** Available data follows **

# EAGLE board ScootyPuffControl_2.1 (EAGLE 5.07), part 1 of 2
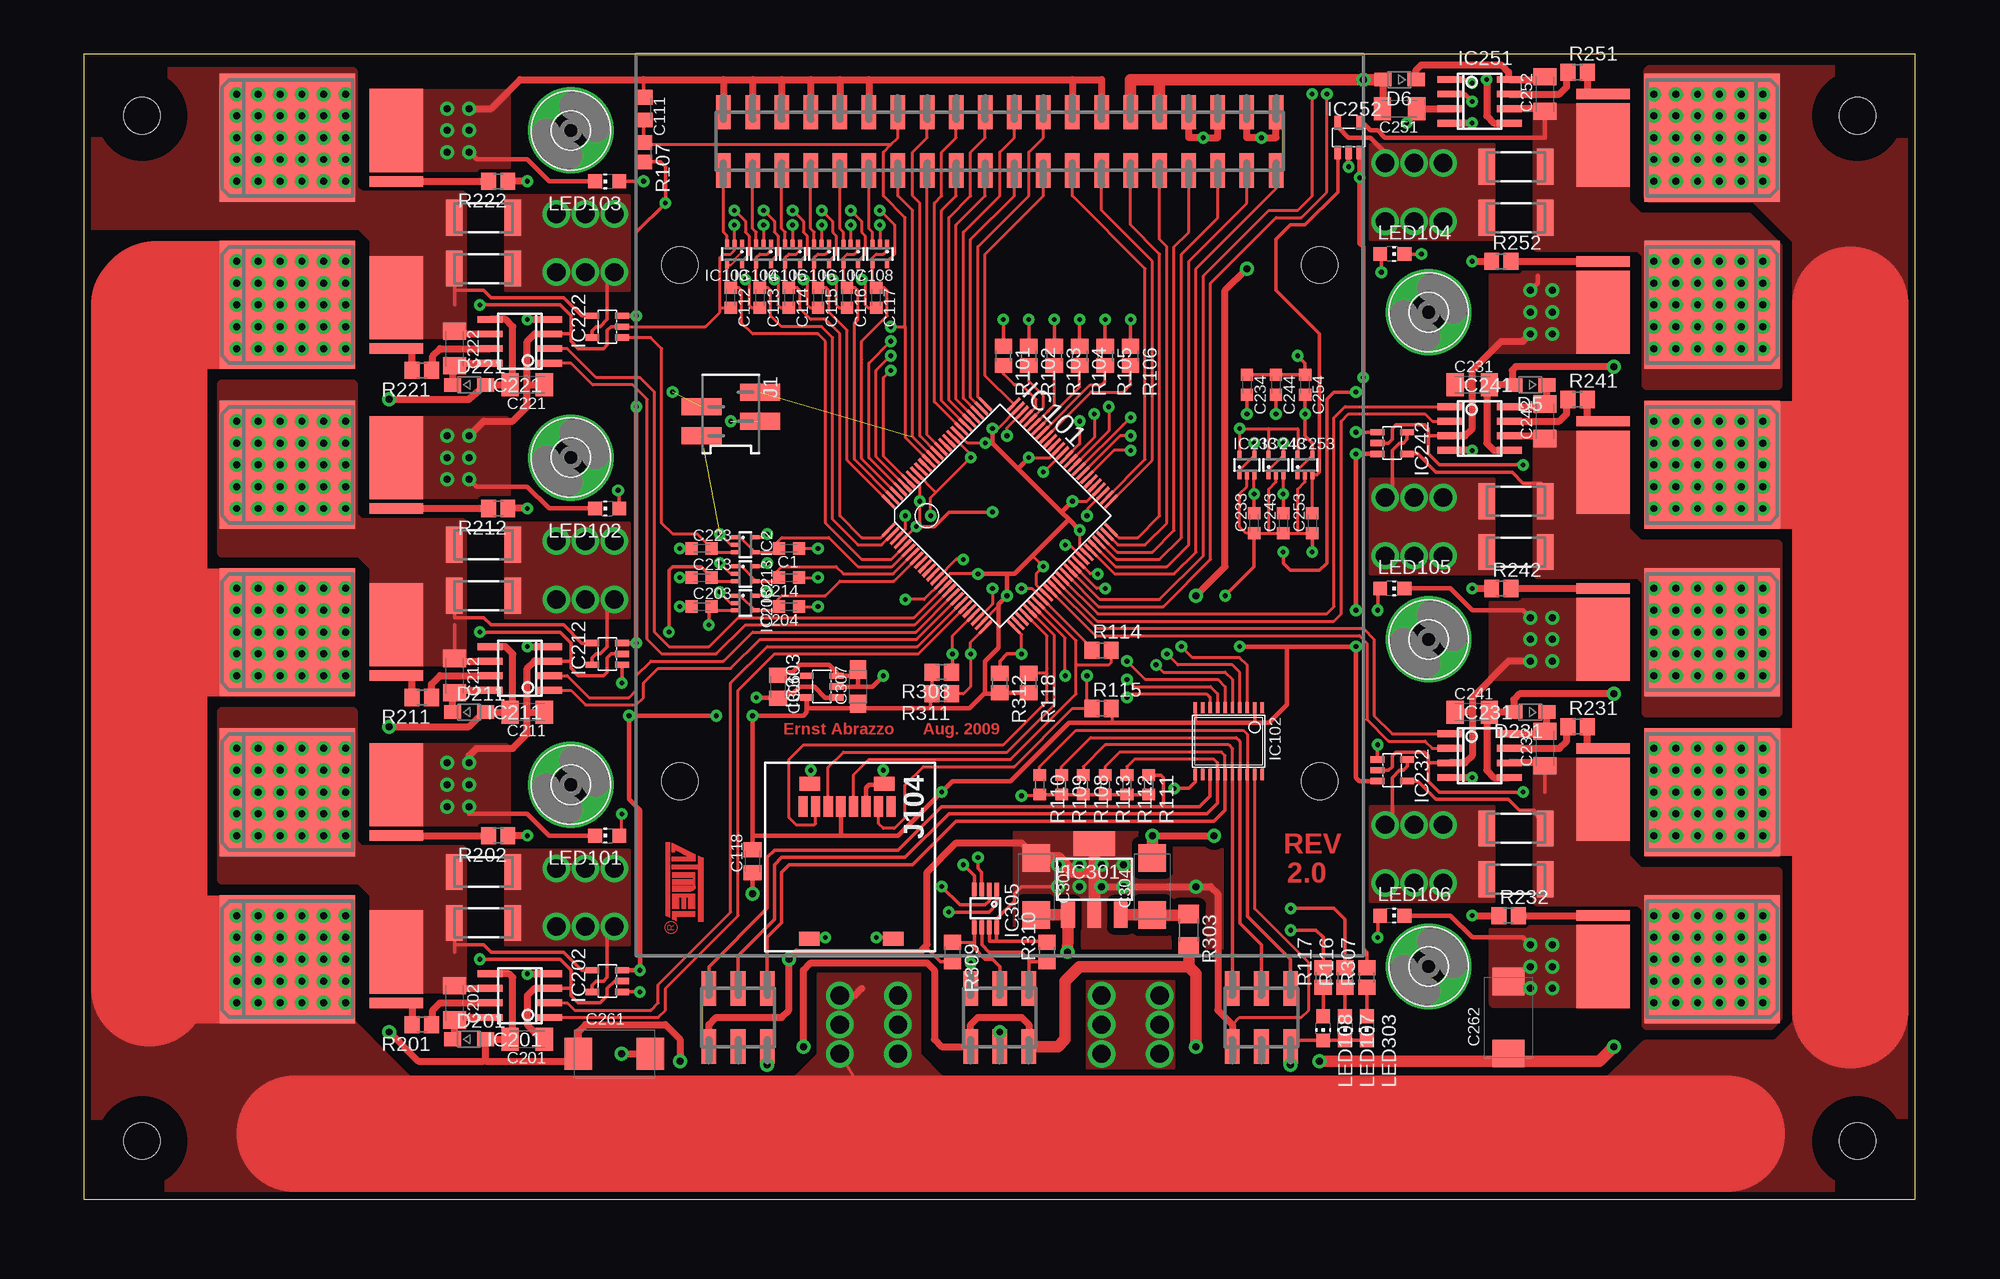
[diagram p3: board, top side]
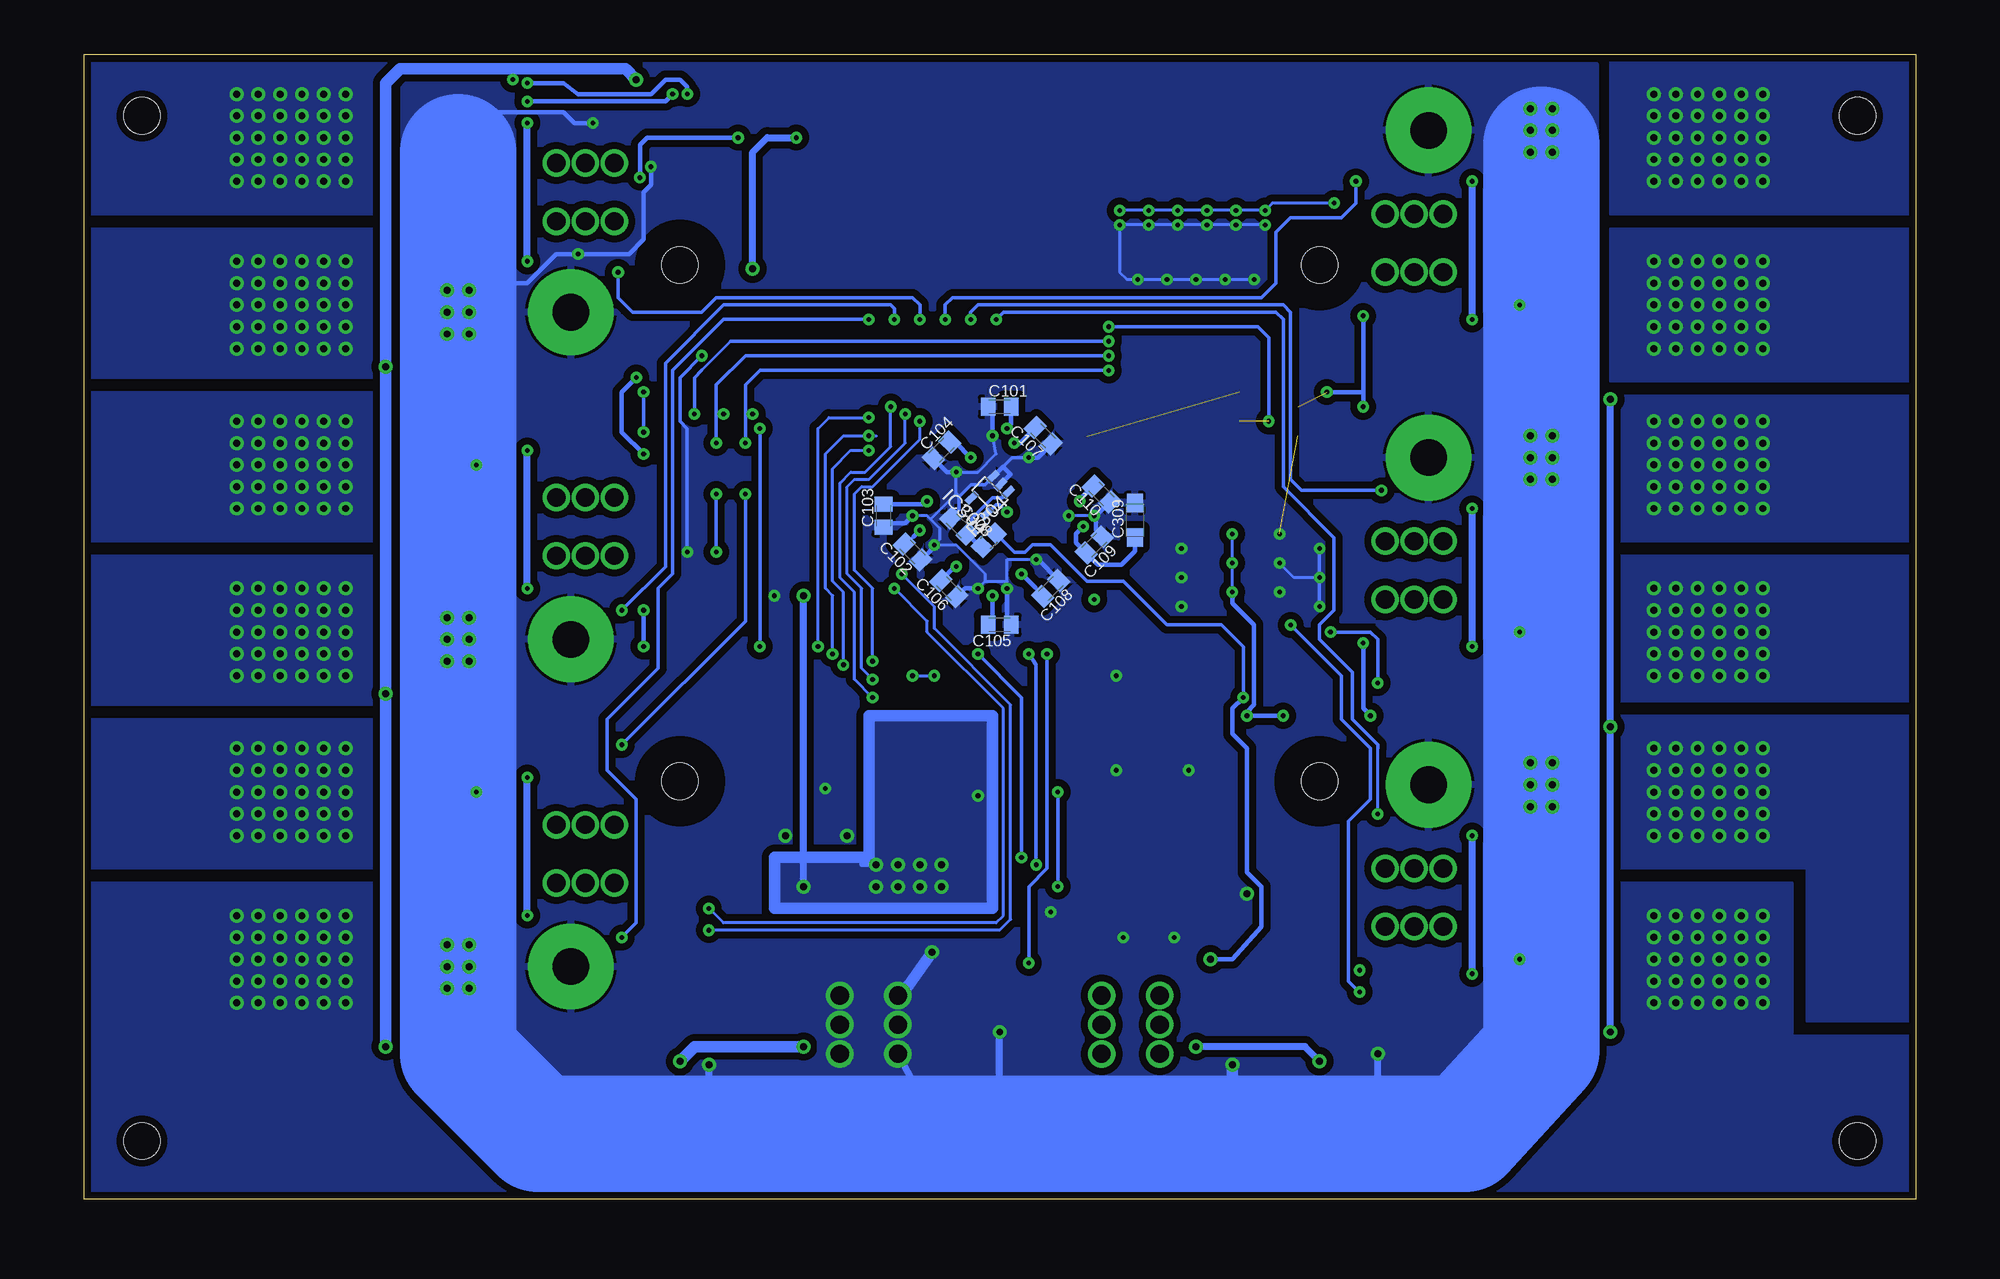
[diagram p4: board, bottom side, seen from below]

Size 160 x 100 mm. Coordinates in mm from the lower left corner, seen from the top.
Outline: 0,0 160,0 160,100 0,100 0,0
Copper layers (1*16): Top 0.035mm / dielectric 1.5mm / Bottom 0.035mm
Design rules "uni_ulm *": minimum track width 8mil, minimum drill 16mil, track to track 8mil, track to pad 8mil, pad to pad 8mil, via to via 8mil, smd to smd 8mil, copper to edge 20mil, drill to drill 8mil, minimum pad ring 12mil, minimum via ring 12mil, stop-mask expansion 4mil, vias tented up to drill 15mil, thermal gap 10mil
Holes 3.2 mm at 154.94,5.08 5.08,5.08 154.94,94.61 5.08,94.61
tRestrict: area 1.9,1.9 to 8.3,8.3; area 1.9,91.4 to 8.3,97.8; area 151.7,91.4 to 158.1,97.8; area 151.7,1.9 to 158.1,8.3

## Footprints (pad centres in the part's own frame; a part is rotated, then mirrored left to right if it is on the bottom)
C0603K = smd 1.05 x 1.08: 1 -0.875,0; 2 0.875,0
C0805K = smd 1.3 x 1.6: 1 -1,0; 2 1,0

** End of Available data **

Aim of the task: Everything from the line containing "## Footprints (pad" through the last line of the records must be given again exactly; leave out all other lines.

Answer space:
## Footprints (pad centres in the part's own frame; a part is rotated, then mirrored left to right if it is on the bottom)
C0603K = smd 1.05 x 1.08: 1 -0.875,0; 2 0.875,0
C0805K = smd 1.3 x 1.6: 1 -1,0; 2 1,0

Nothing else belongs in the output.